The office that I work in, is in the process of finalizing the selection of an EHR company.  They have narrowed it down to to "Athena" and "AllScripts".  As a Billing/Coding Specialist, should I be concerned that my job is in jeopardy?  Can any one using any of there companies give me any  insight?

Thanks


----------



## martinni1974 (Apr 1, 2011)

I would not fear your job is in jeapordy.  

The sad fact is that a large majority of practices are implementing or have implemented an EMR because they want the ARRA funds.  Automated coding has a long way to go before it will replace a human who has experience with all of the "grey" areas of coding.  Computers can only decipher the black & white type coding concepts.  For example EMR software cannot always decipher established E&M services because only two of three key components are required.  The human rationale required to analyze which two are appropriate is still not accurately identified by a computer.  

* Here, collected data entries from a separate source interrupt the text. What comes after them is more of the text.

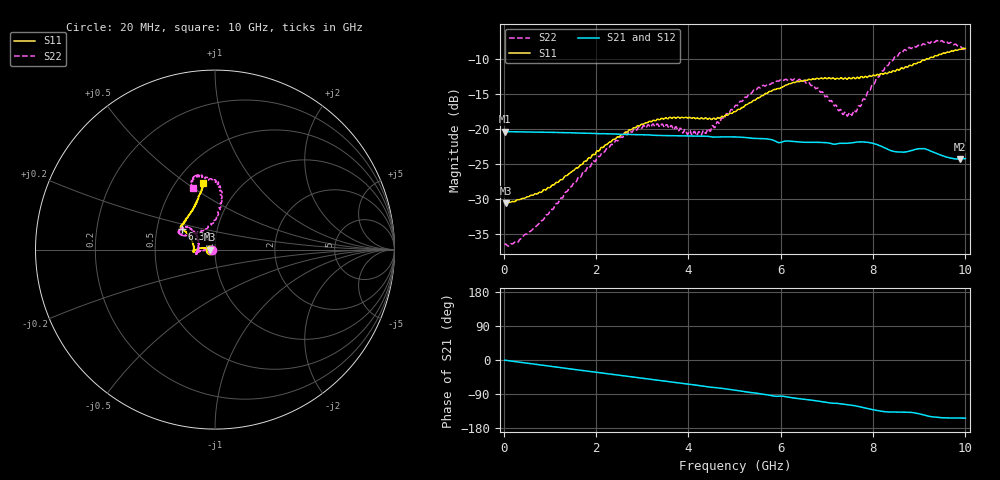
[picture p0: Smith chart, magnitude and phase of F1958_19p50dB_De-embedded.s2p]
! Integrated Device Technology
! Corporate Headquarters
! 6024 Silver Creek Valley Road
! San Jose, CA 95138  USA
! Phone:  1-408-284-8200
! Toll Free:  1-800-223-1366
! Webpage:  http://www.idt.com/
! Timing and RF Division
! 515 Groton Road, Suite 102
! Westford, MA 01886-6024
! Device:  F1958
! Description: 7-bit 0.25 dB Digital Step Attenuator
! Frequency:  0.001 -  6.000 GHz
! Package:  4x4 mm Thin QFN Plastic Package: 24 pin
! Ports:  2 RF, 12 DC
!  Pin  1  = D0
!  Pin  2  = VDD
!  Pin  3  = VMODE
!  Pin  4  = GND
!  Pin  5  = RF1  =  Port 1
!  Pin  6  = GND
!  Pin  7  = GND
!  Pin  8  = GND
!  Pin  9  = GND
!  Pin 10  = GND
!  Pin 11  = GND
!  Pin 12  = GND
!  Pin 13  = GND
!  Pin 14  = RF2  =  Port 2
!  Pin 15  = GND
!  Pin 16  = LE
!  Pin 17  = CLK
!  Pin 18  = DATA
!  Pin 19  = D6
!  Pin 20  = D5
!  Pin 21  = D4
!  Pin 22  = D3
!  Pin 23  = D2
!  Pin 24  = D1
! State:  78
! Atten State:  19.50 dB
! Voltage:  +3.30 Volts
! Current:  0.258 mA
! Data:  The device was measured on a F1958 evaluation board which has
!  individual transmission lines to the RF pins.  Data was collected
!  using a calibrated network analyzer.  The evaluation board was
!  de-embedded using Automatic Fixture Removal (AFR).
!  The reference plane is the edge of the package pin.
! Misc:
!  Action Tracker AT0419
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# GHz S dB R 50
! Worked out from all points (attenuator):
!   500 points, 20 MHz to 10 GHz, reference 50 ohm
!   highest |S21| = -20.38 dB at 20 MHz (marker M1); lowest = -24.3 dB at 9.88 GHz (marker M2)
!   lowest |S11| = -30.6 dB at 40 MHz (marker M3), VSWR 1.06, Z = 47.1 - j0.0432 ohm
!   |S11| at or under -10 dB: start of sweep to 9.159 GHz; 9.177217 GHz to 9.202731 GHz (25.51 MHz wide, 0.278 % of centre)
!   |S22| runs from -36.7 to -7.4 dB; largest |S21 - S12| = 0.00038
!   S11 on the Smith chart (normalised r, x): 20 MHz: 0.94, -0.00; 6.36 GHz: 0.67, +0.16; 10 GHz: 0.67, +0.58
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0.02  -30.54 -178.8  -20.38 -0.4  -20.38 -0.4  -36.53 -176.9
0.04  -30.58 -179.1  -20.38 -0.7  -20.38 -0.7  -36.41 -175.4
0.32  -30.09 175.2  -20.41 -5.4  -20.41 -5.3  -36.05 -179.0
0.72  -29.28 172.7  -20.45 -11.8  -20.44 -11.8  -33.78 -176.0
1.7  -25.06 171.4  -20.60 -27.5  -20.59 -27.5  -26.39 -177.4
2.6  -20.70 177.4  -20.76 -41.8  -20.74 -41.8  -20.96 -174.0
2.92  -19.55 -178.7  -20.81 -46.9  -20.79 -47.0  -19.73 -170.9
3.36  -18.68 -175.1  -20.93 -53.9  -20.92 -54.0  -19.56 -166.5
4.3  -18.45 -179.0  -21.03 -68.5  -21.04 -68.6  -20.58 164.7
4.64  -18.35 172.4  -21.14 -73.6  -21.15 -73.6  -19.00 151.8
5.02  -17.53 161.3  -21.13 -79.9  -21.14 -79.9  -16.62 140.3
5.58  -15.26 150.9  -21.38 -89.4  -21.39 -89.4  -14.04 140.3
6.36  -13.23 148.4  -21.83 -101.5  -21.85 -101.4  -13.14 153.8
6.68  -12.89 146.9  -21.90 -106.2  -21.91 -106.1  -13.79 154.9
7.32  -12.72 141.8  -22.06 -116.1  -22.06 -116.1  -17.53 134.4
7.5  -12.73 138.7  -22.01 -118.9  -22.01 -118.8  -17.67 116.2
7.68  -12.69 135.8  -21.85 -122.5  -21.85 -122.5  -16.72 98.5
8.34  -11.90 119.7  -22.96 -137.2  -22.96 -137.3  -10.80 82.5
8.68  -11.26 112.9  -23.30 -137.6  -23.28 -137.4  -8.68 86.9
9.26  -9.75 105.2  -23.18 -149.4  -23.19 -149.6  -7.56 99.8
9.88  -8.62 100.6  -24.29 -153.0  -24.32 -153.1  -8.22 109.2
10  -8.52 100.2  -24.21 -153.5  -24.22 -153.4  -8.77 110.0
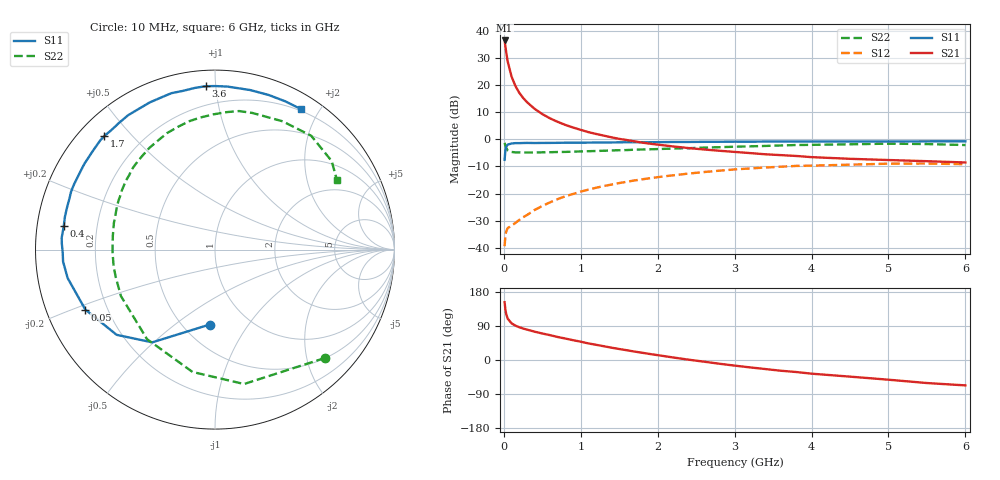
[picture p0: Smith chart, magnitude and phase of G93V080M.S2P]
! SIEMENS Small Signal Semiconductors
! BFG235
! Si NPN RF Bipolar Junction Transistor in SOT223
! VCE = 3 V  IC = 80 mA
! Common Emitter S-Parameters:  July  1994
# GHz  S  MA  R  50
!  f  S11  S21  S12  S22
! GHz  MAG  ANG  MAG  ANG  MAG  ANG  MAG  ANG
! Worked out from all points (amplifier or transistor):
!   40 points, 10 MHz to 6 GHz, reference 50 ohm
!   highest |S21| = 36.4 dB at 10 MHz (marker M1)
!   |S21| within 3 dB of that: start of sweep to 24.31 MHz
!   unconditionally stable (mu >= 1): 477.7 MHz to 1.489 GHz
!   at 200 MHz: K = 0.75, MSG = 23.4 dB, |S12| = -29.7 dB
!   at 1.5 GHz: K = 1.00, MSG = 8.1 dB, |S12| = -16.1 dB
!   at 6 GHz: K = 0.92, MSG = 0.3 dB, |S12| = -9.2 dB
!   S11 on the Smith chart (normalised r, x): 10 MHz: 0.67, -0.68; 50 MHz: 0.12, -0.22; 400 MHz: 0.08, +0.08; 1.7 GHz: 0.07, +0.42; 3.6 GHz: 0.09, +0.94; 6 GHz: 0.18, +1.76
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0.01  0.4184 -94.0  65.69 152.5  0.0108 64.5  0.8593 -44.7
0.02  0.6241 -124.1  51.59 133.6  0.017 48.3  0.7662 -77.8
0.03  0.7252 -139.1  40.55 121.7  0.0199 40.0  0.6931 -100.4
0.05  0.7961 -155.2  27 109.1  0.0232 31.8  0.6263 -127.2
0.1  0.8363 -169.1  14.27 96.8  0.0257 33.2  0.5846 -153.7
0.15  0.8491 -175.5  9.583 90.7  0.0289 38.3  0.5738 -164.6
0.2  0.8487 -179.0  7.172 86.6  0.0327 42.6  0.5724 -170.7
0.25  0.8538 177.9  5.779 83.1  0.0367 46.5  0.5703 -175.0
0.3  0.8567 175.6  4.827 80.3  0.0403 49.3  0.571 -178.6
0.4  0.8529 171.1  3.633 74.7  0.05 52.7  0.5713 176.4
0.5  0.856 167.5  2.903 69.9  0.0594 54.8  0.5745 172.2
0.6  0.857 164.4  2.426 65.6  0.0691 55.3  0.5778 168.4
0.7  0.8595 160.7  2.09 60.7  0.0794 55.1  0.5829 165.0
0.9  0.8655 155.2  1.645 52.3  0.0986 53.0  0.591 158.8
1.1  0.8678 149.0  1.352 43.7  0.1186 50.1  0.6034 152.8
1.7  0.8838 134.2  0.914 22.2  0.1749 38.5  0.6428 136.5
2.2  0.8916 122.9  0.738 6.7  0.2173 27.6  0.6745 122.8
3.2  0.9022 101.5  0.557 -19.5  0.2905 4.4  0.7401 96.4
3.6  0.912 93.2  0.511 -28.3  0.3127 -5.6  0.7686 85.2
4.5  0.9103 77.6  0.437 -43.9  0.3407 -25.4  0.808 62.2
5.5  0.9143 64.6  0.395 -60.8  0.3581 -47.2  0.8161 37.2
6  0.9174 58.7  0.374 -67.0  0.3479 -55.4  0.7827 29.9
TYPE ConfigMfcGas :
STRUCT
	Enable:BOOL;
	GasName:STRING;
	DefaultSV:SVINT;
	FlowRegulationFactor:SVINT;
	EnableAlarm:BOOL;
	AlarmRange:SVINT;
	AlarmTime:SVINT;
	WarningRange:SVINT;
	WarningTime:SVINT;
	WriteMode:SVINT;
END_STRUCT
END_TYPE
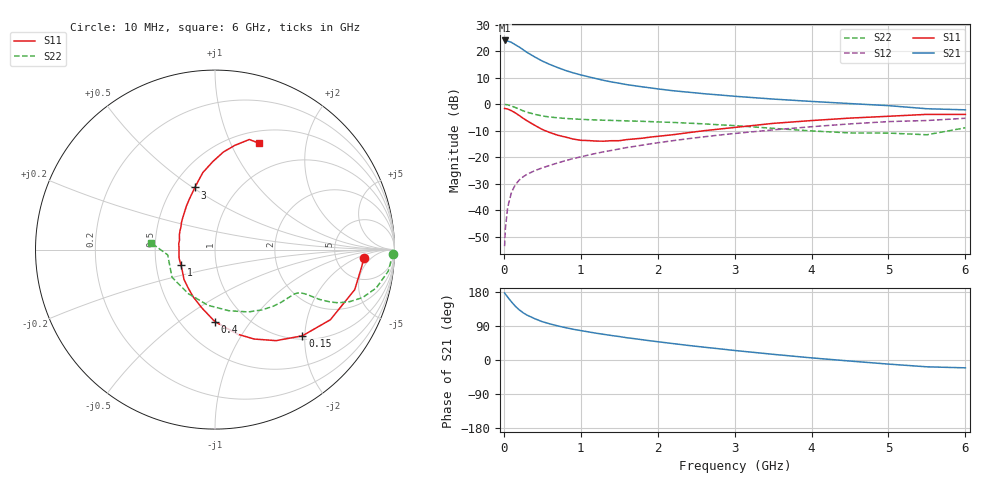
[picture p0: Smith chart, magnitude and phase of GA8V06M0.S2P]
! Infineon Technologies  Discrete & RF Semiconductors
! BF775
! Si NPN RF Bipolar Junction Transistor in SOT23
! VCE = 8 V  IC = 6 mA
! Common Emitter S-Parameters:  May  1996
# GHz  S  MA  R  50
!  f  S11  S21  S12  S22
! GHz  MAG  ANG  MAG  ANG  MAG  ANG  MAG  ANG
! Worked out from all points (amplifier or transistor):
!   36 points, 10 MHz to 6 GHz, reference 50 ohm
!   highest |S21| = 24.0 dB at 10 MHz (marker M1)
!   |S21| within 3 dB of that: start of sweep to 226.3 MHz
!   unconditionally stable (mu >= 1): 788.1 MHz to 2.994 GHz
!   at 250 MHz: K = 0.52, MSG = 24.0 dB, |S12| = -27.4 dB
!   at 1.4 GHz: K = 1.10, MAG = 10.9 dB, |S12| = -17.4 dB
!   at 6 GHz: K = 0.90, MSG = 1.6 dB, |S12| = -5.3 dB
!   S11 on the Smith chart (normalised r, x): 10 MHz: 10, -3; 150 MHz: 1.08, -1.95; 400 MHz: 0.72, -0.69; 1 GHz: 0.67, -0.12; 3 GHz: 0.64, +0.51; 6 GHz: 0.64, +1.29
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0.01  0.8301 -3.2  15.91 176.9  0.0021 83.5  0.9921 -1.3
0.02  0.8235 -6.4  15.57 173.8  0.0045 80.2  0.9851 -2.9
0.05  0.8099 -16.0  15.52 165.9  0.0114 80.5  0.973 -7.1
0.1  0.7522 -31.3  14.61 153.3  0.0219 73.2  0.9234 -13.4
0.15  0.684 -44.6  13.17 141.7  0.0304 68.3  0.8647 -18.0
0.2  0.6111 -56.1  11.96 132.4  0.0371 65.1  0.8051 -21.1
0.25  0.5437 -66.4  10.67 124.7  0.0426 61.8  0.7493 -23.3
0.3  0.488 -75.0  9.494 118.6  0.0474 61.2  0.7075 -24.4
0.4  0.4007 -90.2  7.805 109.2  0.0556 59.6  0.6446 -25.5
0.5  0.333 -102.7  6.503 101.1  0.063 59.4  0.5991 -25.8
0.6  0.2911 -114.4  5.594 95.2  0.0703 59.9  0.5718 -26.0
0.8  0.2401 -135.9  4.329 85.4  0.086 60.2  0.5382 -26.7
1  0.2084 -155.5  3.561 77.6  0.1016 61.3  0.5181 -27.9
1.1  0.2059 -166.4  3.283 74.2  0.1098 61.6  0.5101 -28.8
1.3  0.2005 178.7  2.808 67.7  0.1265 61.4  0.498 -30.8
1.6  0.215 157.6  2.333 58.7  0.1522 60.2  0.4838 -34.6
2.2  0.2657 130.3  1.793 43.3  0.2051 57.0  0.4525 -44.2
3  0.3638 108.0  1.41 25.1  0.2801 50.1  0.3943 -61.7
3.5  0.4343 99.0  1.248 15.0  0.3272 44.7  0.3501 -76.9
4.5  0.5464 85.0  1.026 -2.8  0.4248 32.6  0.2868 -121.3
5.5  0.6424 72.7  0.82 -18.0  0.4917 17.4  0.2649 -173.5
6  0.6416 67.4  0.782 -20.7  0.5423 13.2  0.3588 173.8

Sadly audits of EMR documentation are statisticaly poor as many providers don't have a clear understanding of how to properly utilize the tools they have been given.  The vendors selling these systems have no clue how to educate providers and staff of how to document in the EMR environment.  

So, human experience is still very much needed.


----------



## gbrown (Mar 10, 2012)

Hope you chose Allscripts.  I have been working on this system for almost 5 years and I love it.


----------



## deborahtuck2010 (Mar 12, 2012)

*Avoid Athena*

I have not used Allscripts but have worked with Athena.  I did not like Athena and I especially did not like the follow up on claims that they provided.  Persons outsourced from India did not have a good working knowledge of billing practices in the US.  I would venture to guess that your job is secure.  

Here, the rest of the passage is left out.